Posted this on Dementia but am also posting here for more traffic:

Applied a year ago for AA for MIL who's 90, lives by herself, has dementia. She has meals on wheels every day and a carer three times a week. She's physically well. Was turned down a year ago.

Social services got involved with MIL and said they would re-apply for AA. Eight months later, they haven't done it, but have lied about it. So dh did it. Got a call from DWP yesterday to say MIL has been turned down again - he was told: 'you only qualify for AA if you cannot be left on your own at all, if you need someone with you all the time'. That's not right, is it???

MIL has not done housework for 5+ years. She has not washed or bathed for years. She has not washed her clothes for 2 years. She has not cooked for a year. She does not remember to take medication. She has no idea what date it is.

Shouldn't she qualify for AA? What can we do now?? Any advice would be great.

CMOTDibbler Wed 03-Sep-14 16:56:54

Thats not right - my dad qualified for AA, and he's the carer for my mum! The AgeUK guide to AA is good. The carers centre did the form for mum, and the AgeUk outreach lady did dads. Is there anything like that in your area?

Corygal Wed 03-Sep-14 16:59:21

Get in touch with Age UK who have superb benefit advisors. To be honest, given how bad her dementia sounds, MIL probably shouldn't be left on her own that much, although you know that better than me.

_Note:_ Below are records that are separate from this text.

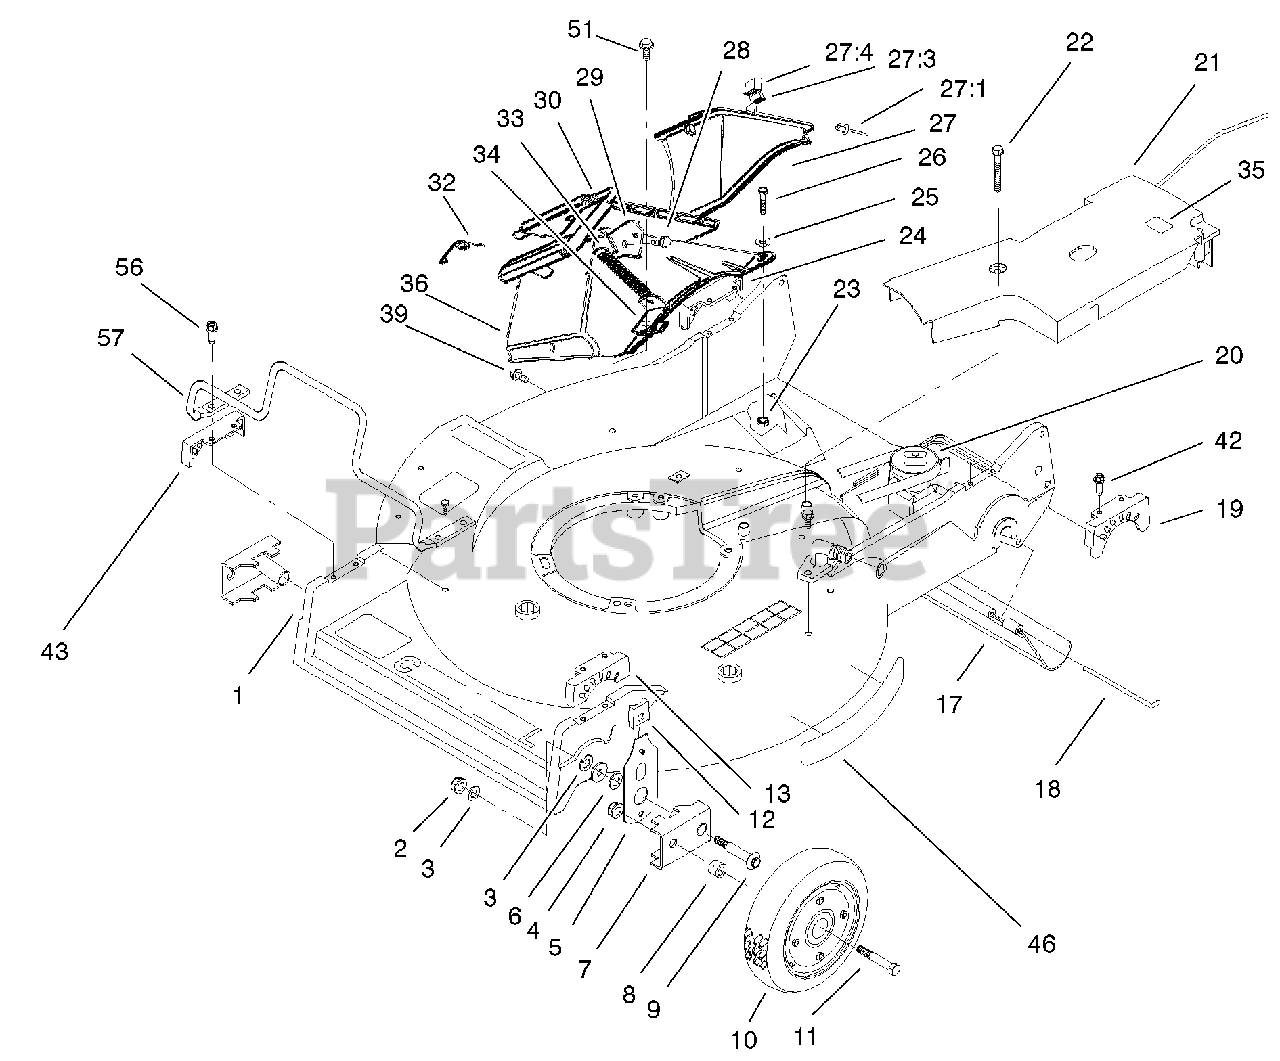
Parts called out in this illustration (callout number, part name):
1	Decal-Danger
2	Screw-Tapping
3	Grip-Lower
4	Pin-Groove
5	Trigger-HOC
6	Cap-R.H. Hinge Bolt
7	Screw-Thread Forming
8	Grip-Upper
9	Screw-Pan Hd. Phillips
10	Screw-Hex Hd. Cap
11	Cap-L.H. Hinge Bolt
12	Spring-Door
13	Door-Discharge (Incl. Ref. # 1)
15	Spacer-Door
16	Spacer-Handle
17	Spacer-Handle
18	Ramp-Discharge
19	Screw-Tapping
20	Nut-Push
21	Retainer-Shaft
22	Pivot-Front
23	Nut-Lock
25	Wheel & Tire Assembly
26	Bolt-Wheel
27	Decal-Deck 400XP
28	Housing (Incl. Ref. #27)
29	Cover-Belt
30	Screw-Hex Hd. Cap
31	Guide-Belt Rear
32	Screw-HH
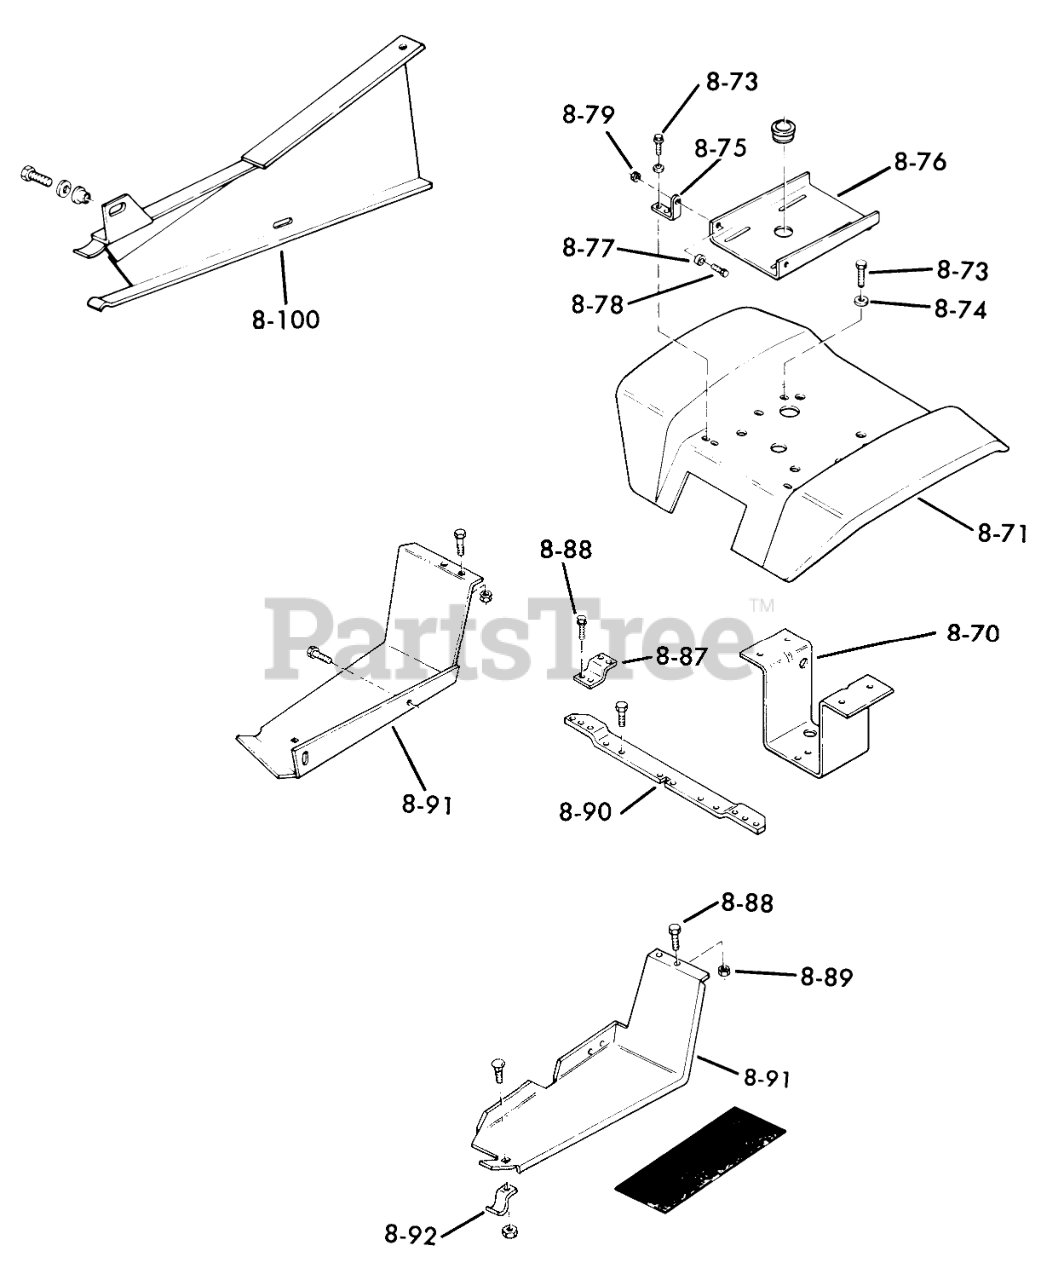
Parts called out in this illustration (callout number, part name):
8-06A	ROD-HOOD STOP
8-44	Tape
8-70	Bracket-Fender
8-71	Fender
8-73	Bolt
8-74	WASHER 5/16 SAE
8-75	BRACKET-PIVOT
8-76	Plate Seat Pivot
8-77	BUSHING
8-78	HHCS
8-79	Nut
8-87	BRACKET-FENDER R
8-88	HHCS
8-90	Bracket-Footrest
8-91	Footrest-RH
8-91	Footrest-LH
8-92	BRACKET
8-100	Belt Guard Assy

Have you claimed all the other benefits MIL is probably entitled to? DLA (now called PIP) at least.

SoonToBeSix Wed 03-Sep-14 16:59:34

Yes she qualifies from what you say. Did you read the form because it sounds like your dh must have filled the form in badly.

SoonToBeSix Wed 03-Sep-14 17:00:15

You can't claim pip AA is basically pip for the elderly unless you have an existing claim.

fridayfreedom Wed 03-Sep-14 17:01:07

There is a right of appeal. Is she known to a memory team or dementia service? They may be able to help with this. I have written to support appeals and got decisions overturned for my patients.
Or maybe a carers centre or Admiral nurse could help.
You really need to be blunt and spell things out as they are on a bad day , underplaying things doesn't help.

homefromwork Wed 03-Sep-14 17:02:04

Definitely not right. I work in older adults mental health. People have to need assistance with personal care, (whether or not they actually accept that assistance!) In my area, AgeUK will help fill the forms in, as will Alzheimers society or DWP also have benefits advisors. I would recommend appealing to DWP. Usually need to have required assistance or had a diagnosis for a minimum of 6 months. Good luck.

SoonToBeSix Wed 03-Sep-14 17:04:03

Also and I don't been this offensively I would doubt how physically well a 90 year old can be. When you fill in the form do not put she does not need help with toilet needs for example. Just because she might manage on her own does not mean she wouldn't benefit from help.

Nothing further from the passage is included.